▶ _What is needed_:
Filter the listing below, keeping only the lines with the word "import".
□ □ □ □ □
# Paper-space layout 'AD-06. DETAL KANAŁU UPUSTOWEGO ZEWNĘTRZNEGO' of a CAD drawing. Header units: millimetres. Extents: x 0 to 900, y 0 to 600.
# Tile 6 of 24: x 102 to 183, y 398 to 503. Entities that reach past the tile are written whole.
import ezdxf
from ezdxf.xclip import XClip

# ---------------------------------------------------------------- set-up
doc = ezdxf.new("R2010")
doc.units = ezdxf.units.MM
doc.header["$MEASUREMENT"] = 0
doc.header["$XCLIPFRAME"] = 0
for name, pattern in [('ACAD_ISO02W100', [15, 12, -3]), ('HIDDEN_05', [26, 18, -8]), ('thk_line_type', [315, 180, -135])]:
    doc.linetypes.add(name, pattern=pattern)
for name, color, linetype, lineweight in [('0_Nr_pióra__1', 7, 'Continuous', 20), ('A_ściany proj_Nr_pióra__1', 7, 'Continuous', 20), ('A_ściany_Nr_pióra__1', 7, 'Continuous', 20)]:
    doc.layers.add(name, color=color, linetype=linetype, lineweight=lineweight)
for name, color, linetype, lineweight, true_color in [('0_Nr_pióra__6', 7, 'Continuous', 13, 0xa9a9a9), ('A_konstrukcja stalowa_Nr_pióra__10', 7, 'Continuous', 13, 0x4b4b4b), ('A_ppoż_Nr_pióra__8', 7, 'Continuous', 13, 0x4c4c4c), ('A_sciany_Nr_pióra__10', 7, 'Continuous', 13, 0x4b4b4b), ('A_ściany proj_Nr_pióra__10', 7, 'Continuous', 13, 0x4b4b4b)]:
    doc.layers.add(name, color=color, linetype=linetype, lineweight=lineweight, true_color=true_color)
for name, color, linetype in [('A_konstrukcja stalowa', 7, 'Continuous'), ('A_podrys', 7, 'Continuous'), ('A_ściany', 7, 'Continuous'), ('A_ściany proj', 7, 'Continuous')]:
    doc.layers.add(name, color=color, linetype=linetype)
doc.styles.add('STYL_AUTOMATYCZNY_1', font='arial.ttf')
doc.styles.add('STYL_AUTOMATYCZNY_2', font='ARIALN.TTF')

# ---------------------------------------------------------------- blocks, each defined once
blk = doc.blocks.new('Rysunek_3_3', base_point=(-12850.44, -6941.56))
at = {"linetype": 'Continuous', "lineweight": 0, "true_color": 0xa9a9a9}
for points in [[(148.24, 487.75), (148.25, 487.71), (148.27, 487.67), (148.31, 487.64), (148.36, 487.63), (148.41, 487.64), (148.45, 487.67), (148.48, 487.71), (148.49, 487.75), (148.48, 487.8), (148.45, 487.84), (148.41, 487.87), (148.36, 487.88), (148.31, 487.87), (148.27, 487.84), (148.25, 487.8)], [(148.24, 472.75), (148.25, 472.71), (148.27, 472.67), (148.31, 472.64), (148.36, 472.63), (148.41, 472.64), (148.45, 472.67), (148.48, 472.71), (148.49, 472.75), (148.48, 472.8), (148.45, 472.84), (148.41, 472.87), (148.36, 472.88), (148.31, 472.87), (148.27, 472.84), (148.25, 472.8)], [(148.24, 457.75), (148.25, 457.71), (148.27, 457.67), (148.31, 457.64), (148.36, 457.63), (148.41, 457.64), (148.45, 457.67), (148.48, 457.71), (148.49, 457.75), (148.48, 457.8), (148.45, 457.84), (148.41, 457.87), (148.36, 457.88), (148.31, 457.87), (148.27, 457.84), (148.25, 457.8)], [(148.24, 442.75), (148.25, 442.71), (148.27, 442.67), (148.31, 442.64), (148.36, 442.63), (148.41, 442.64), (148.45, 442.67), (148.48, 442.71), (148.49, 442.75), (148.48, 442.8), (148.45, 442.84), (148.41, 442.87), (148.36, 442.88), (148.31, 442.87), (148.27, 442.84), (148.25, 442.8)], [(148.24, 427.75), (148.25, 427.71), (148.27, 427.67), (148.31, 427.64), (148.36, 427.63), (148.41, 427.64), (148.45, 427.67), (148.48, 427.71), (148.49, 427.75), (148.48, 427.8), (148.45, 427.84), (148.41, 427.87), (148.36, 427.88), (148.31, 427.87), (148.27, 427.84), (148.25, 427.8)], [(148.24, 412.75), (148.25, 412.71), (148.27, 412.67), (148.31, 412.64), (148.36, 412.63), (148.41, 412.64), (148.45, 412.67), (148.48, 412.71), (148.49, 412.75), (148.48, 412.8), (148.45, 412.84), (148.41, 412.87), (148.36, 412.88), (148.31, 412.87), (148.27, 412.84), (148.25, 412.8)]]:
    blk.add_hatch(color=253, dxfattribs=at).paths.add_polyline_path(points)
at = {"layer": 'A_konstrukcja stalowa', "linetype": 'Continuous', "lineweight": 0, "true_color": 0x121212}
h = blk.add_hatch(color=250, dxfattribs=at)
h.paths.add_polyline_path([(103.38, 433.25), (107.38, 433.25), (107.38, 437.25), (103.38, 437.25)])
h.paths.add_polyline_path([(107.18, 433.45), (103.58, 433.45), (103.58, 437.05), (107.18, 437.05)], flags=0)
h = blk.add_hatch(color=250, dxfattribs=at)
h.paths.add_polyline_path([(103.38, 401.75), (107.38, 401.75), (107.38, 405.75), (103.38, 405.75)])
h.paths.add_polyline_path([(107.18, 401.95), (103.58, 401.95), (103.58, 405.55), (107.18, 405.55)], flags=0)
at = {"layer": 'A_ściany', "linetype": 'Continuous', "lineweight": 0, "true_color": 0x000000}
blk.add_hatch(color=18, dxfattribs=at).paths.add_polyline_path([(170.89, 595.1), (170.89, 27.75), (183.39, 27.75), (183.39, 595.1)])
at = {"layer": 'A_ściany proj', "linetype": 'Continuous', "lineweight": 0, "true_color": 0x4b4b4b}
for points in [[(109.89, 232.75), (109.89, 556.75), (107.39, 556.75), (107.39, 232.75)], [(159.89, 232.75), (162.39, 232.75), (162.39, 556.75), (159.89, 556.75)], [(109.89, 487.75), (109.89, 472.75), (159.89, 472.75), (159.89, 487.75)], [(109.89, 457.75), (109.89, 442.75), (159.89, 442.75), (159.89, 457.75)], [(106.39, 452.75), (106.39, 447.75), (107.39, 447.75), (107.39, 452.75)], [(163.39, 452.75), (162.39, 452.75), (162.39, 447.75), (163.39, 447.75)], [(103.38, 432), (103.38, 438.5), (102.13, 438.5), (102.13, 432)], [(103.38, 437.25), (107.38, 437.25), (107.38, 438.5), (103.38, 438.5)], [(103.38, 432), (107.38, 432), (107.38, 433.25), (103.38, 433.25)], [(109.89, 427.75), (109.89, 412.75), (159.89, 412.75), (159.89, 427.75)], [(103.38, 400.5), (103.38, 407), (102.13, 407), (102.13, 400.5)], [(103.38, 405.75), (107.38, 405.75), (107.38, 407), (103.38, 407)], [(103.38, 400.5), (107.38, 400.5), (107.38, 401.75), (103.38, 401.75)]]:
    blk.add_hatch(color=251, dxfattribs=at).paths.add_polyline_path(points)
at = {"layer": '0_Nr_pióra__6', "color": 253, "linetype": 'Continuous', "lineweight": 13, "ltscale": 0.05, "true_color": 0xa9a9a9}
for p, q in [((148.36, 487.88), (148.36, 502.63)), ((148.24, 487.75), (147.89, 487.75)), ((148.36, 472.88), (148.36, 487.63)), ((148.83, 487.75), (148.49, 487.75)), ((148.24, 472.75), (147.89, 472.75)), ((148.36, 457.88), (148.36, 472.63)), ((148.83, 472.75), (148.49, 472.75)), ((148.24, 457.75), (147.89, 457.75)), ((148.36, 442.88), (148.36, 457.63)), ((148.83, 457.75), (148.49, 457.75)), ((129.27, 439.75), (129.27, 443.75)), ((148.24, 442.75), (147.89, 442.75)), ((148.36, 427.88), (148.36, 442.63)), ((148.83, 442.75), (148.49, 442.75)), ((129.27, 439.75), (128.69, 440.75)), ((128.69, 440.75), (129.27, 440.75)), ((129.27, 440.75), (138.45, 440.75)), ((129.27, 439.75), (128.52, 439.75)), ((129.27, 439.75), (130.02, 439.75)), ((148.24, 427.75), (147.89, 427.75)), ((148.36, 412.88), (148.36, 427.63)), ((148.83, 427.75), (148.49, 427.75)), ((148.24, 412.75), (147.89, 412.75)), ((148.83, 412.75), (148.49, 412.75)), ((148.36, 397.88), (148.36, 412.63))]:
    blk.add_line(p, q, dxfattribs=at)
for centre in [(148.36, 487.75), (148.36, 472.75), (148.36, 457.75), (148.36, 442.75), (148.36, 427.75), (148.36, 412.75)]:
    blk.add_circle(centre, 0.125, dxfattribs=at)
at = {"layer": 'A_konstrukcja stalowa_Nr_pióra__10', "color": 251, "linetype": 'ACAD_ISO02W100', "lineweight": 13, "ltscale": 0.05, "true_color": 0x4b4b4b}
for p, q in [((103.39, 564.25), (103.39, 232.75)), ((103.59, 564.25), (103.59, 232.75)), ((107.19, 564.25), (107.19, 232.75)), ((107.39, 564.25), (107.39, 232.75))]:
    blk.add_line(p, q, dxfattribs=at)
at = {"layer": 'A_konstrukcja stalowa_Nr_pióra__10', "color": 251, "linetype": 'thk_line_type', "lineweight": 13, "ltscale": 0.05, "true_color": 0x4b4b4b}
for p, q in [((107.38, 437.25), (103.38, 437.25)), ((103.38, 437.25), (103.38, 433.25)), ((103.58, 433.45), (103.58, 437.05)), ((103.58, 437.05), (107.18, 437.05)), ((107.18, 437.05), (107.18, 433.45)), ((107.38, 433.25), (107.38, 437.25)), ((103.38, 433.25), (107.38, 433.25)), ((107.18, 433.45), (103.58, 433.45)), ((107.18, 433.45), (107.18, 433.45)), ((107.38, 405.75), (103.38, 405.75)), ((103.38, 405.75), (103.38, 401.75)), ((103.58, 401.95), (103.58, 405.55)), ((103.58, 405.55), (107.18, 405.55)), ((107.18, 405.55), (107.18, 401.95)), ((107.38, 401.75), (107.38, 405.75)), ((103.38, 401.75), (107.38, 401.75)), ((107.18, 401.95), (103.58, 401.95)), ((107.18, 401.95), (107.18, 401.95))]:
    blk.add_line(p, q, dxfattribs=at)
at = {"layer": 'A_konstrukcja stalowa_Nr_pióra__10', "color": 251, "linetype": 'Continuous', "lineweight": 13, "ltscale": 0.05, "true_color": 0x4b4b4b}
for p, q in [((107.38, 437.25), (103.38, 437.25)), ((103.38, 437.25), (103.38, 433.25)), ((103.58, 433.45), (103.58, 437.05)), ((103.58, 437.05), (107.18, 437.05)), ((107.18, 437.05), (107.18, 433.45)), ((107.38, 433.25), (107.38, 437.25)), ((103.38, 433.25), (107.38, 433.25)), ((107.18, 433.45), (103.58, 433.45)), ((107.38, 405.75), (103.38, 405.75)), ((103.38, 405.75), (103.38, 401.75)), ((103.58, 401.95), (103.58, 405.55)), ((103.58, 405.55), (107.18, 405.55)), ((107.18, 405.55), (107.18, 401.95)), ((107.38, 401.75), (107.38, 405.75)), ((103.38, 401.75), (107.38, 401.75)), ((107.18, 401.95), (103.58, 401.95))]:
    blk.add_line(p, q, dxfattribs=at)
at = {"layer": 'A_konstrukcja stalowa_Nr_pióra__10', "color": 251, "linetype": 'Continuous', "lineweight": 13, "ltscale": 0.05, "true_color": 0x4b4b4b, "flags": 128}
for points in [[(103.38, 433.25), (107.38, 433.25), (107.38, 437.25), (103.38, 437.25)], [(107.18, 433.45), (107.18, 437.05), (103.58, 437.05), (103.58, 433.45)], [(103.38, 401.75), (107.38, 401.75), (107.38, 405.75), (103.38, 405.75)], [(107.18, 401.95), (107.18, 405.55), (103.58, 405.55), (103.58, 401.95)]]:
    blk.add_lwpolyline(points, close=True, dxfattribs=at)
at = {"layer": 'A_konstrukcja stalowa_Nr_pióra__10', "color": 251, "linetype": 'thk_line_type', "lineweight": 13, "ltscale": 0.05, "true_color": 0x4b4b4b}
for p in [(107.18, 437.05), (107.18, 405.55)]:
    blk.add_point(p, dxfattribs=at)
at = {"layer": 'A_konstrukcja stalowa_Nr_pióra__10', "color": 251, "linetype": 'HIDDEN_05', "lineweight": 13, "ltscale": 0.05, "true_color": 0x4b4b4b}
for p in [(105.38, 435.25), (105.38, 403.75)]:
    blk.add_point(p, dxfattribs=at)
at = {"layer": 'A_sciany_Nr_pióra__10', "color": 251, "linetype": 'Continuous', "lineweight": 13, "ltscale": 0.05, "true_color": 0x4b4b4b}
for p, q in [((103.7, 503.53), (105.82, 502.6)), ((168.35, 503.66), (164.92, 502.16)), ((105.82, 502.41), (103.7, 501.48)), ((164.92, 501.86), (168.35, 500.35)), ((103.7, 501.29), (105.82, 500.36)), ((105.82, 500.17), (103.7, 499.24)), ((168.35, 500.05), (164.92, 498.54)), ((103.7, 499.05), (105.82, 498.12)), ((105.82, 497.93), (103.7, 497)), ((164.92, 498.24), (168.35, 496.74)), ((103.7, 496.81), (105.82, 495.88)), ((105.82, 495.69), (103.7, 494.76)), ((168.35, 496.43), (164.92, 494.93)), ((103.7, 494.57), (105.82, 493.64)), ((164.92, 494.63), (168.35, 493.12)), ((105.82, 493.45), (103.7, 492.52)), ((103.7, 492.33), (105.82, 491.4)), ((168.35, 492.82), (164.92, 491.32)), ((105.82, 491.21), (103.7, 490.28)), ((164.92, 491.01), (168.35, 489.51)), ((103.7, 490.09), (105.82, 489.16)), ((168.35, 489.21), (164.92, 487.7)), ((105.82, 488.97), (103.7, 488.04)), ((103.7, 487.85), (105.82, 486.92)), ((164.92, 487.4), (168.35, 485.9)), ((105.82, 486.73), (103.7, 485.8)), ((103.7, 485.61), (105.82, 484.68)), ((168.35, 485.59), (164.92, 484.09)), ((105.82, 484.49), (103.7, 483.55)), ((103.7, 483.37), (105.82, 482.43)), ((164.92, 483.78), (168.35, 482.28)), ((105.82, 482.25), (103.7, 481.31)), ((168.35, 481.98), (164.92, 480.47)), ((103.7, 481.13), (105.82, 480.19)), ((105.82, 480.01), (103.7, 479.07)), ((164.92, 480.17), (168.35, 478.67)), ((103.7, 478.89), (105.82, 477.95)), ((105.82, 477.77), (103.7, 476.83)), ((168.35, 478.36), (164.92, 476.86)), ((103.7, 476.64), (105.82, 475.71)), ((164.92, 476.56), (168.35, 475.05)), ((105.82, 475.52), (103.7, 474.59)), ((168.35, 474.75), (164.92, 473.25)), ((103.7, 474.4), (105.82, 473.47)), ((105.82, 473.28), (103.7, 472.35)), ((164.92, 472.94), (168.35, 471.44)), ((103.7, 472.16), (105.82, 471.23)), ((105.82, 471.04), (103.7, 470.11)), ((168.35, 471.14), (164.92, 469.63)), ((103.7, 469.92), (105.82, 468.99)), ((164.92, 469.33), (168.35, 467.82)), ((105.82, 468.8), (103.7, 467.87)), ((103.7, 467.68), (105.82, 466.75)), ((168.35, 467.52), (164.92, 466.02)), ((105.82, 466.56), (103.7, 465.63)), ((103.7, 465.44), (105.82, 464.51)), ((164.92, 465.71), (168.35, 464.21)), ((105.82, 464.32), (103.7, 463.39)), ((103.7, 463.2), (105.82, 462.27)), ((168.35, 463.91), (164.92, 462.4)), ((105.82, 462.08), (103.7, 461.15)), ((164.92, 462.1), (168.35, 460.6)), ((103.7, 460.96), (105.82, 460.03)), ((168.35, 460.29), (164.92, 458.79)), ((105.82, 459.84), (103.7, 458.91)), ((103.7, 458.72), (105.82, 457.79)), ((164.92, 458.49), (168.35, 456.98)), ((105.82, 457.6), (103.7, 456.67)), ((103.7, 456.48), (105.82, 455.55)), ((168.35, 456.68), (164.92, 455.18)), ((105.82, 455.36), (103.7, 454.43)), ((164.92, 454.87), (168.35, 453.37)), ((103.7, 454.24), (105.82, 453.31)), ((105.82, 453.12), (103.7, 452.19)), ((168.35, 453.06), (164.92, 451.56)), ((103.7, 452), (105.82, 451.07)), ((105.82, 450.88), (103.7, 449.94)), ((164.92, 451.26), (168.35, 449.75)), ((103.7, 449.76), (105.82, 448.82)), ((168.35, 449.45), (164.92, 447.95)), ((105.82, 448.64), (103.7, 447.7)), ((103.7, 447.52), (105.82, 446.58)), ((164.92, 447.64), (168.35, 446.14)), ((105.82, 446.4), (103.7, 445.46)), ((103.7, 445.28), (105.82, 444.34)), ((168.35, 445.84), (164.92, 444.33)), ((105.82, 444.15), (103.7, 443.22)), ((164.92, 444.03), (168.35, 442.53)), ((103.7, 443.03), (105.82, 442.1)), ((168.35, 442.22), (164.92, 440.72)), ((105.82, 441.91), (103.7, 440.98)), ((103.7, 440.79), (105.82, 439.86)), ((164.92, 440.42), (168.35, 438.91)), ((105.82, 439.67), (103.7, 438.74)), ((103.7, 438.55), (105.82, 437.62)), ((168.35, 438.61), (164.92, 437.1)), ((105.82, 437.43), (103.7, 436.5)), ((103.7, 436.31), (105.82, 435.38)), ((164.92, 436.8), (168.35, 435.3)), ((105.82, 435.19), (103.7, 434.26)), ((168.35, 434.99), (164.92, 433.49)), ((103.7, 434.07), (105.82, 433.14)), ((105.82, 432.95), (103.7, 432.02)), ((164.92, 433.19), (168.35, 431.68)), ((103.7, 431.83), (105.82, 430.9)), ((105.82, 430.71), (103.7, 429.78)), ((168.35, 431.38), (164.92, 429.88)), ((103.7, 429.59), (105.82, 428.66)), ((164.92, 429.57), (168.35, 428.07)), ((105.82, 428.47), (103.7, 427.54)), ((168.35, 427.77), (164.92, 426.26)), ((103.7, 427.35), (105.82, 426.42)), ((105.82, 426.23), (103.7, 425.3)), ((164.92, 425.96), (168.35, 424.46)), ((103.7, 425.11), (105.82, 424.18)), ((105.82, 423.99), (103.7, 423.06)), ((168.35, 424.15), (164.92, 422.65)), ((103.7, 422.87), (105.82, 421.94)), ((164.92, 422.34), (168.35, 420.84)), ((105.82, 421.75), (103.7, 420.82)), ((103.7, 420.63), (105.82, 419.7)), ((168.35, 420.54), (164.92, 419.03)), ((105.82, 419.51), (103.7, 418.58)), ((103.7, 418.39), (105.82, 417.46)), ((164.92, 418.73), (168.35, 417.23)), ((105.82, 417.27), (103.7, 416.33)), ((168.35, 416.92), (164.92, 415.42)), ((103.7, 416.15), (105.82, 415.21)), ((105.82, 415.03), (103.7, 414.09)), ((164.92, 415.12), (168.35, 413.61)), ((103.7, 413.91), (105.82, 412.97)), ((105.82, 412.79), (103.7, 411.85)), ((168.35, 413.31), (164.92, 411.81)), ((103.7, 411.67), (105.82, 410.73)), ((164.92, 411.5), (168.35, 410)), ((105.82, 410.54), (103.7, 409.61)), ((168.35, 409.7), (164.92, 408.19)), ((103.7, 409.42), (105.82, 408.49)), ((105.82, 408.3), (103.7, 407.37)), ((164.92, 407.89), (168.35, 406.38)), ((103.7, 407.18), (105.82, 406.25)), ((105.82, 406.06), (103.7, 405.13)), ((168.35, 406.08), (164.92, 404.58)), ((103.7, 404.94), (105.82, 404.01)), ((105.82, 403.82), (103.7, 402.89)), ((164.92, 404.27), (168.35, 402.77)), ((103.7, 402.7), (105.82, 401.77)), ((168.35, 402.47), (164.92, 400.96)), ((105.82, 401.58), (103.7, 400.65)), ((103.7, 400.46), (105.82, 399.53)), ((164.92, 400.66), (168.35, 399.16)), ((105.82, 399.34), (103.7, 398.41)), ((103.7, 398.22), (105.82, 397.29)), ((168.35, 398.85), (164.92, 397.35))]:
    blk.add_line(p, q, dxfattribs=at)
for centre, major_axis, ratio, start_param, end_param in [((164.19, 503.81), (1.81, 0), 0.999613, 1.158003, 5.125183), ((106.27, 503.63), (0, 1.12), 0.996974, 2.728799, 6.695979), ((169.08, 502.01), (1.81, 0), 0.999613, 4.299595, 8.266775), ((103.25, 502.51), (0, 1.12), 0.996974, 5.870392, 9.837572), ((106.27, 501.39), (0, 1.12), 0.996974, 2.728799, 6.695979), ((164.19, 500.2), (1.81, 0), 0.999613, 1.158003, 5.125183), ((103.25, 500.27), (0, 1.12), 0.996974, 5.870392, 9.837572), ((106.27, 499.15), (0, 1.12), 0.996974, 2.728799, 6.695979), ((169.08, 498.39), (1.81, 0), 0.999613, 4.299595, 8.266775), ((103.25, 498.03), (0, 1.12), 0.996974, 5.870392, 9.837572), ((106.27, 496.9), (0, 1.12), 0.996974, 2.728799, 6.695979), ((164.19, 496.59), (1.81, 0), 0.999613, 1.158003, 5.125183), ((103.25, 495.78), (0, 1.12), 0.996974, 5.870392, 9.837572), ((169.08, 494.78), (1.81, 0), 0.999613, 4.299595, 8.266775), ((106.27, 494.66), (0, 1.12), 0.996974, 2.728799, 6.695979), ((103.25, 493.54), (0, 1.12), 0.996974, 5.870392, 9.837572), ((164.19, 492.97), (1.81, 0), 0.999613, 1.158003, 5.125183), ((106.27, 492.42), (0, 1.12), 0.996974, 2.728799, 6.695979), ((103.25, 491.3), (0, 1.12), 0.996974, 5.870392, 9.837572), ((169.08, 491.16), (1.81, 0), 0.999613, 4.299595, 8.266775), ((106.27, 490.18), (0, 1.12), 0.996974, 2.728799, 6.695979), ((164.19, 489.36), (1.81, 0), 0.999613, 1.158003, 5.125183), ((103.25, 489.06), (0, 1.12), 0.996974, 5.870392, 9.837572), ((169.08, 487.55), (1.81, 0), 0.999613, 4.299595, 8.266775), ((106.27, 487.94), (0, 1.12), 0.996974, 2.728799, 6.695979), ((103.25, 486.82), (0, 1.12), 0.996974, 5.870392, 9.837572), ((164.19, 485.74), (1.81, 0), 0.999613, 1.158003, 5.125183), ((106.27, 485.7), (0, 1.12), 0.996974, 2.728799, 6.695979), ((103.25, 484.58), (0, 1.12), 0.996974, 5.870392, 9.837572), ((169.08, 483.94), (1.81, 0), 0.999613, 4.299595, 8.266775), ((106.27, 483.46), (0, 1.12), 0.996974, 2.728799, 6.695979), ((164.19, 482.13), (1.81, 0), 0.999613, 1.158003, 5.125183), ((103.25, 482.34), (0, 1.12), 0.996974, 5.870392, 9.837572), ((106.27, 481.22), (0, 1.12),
□ □ □ □ □
▶ _Exercise solution_:
import ezdxf
from ezdxf.xclip import XClip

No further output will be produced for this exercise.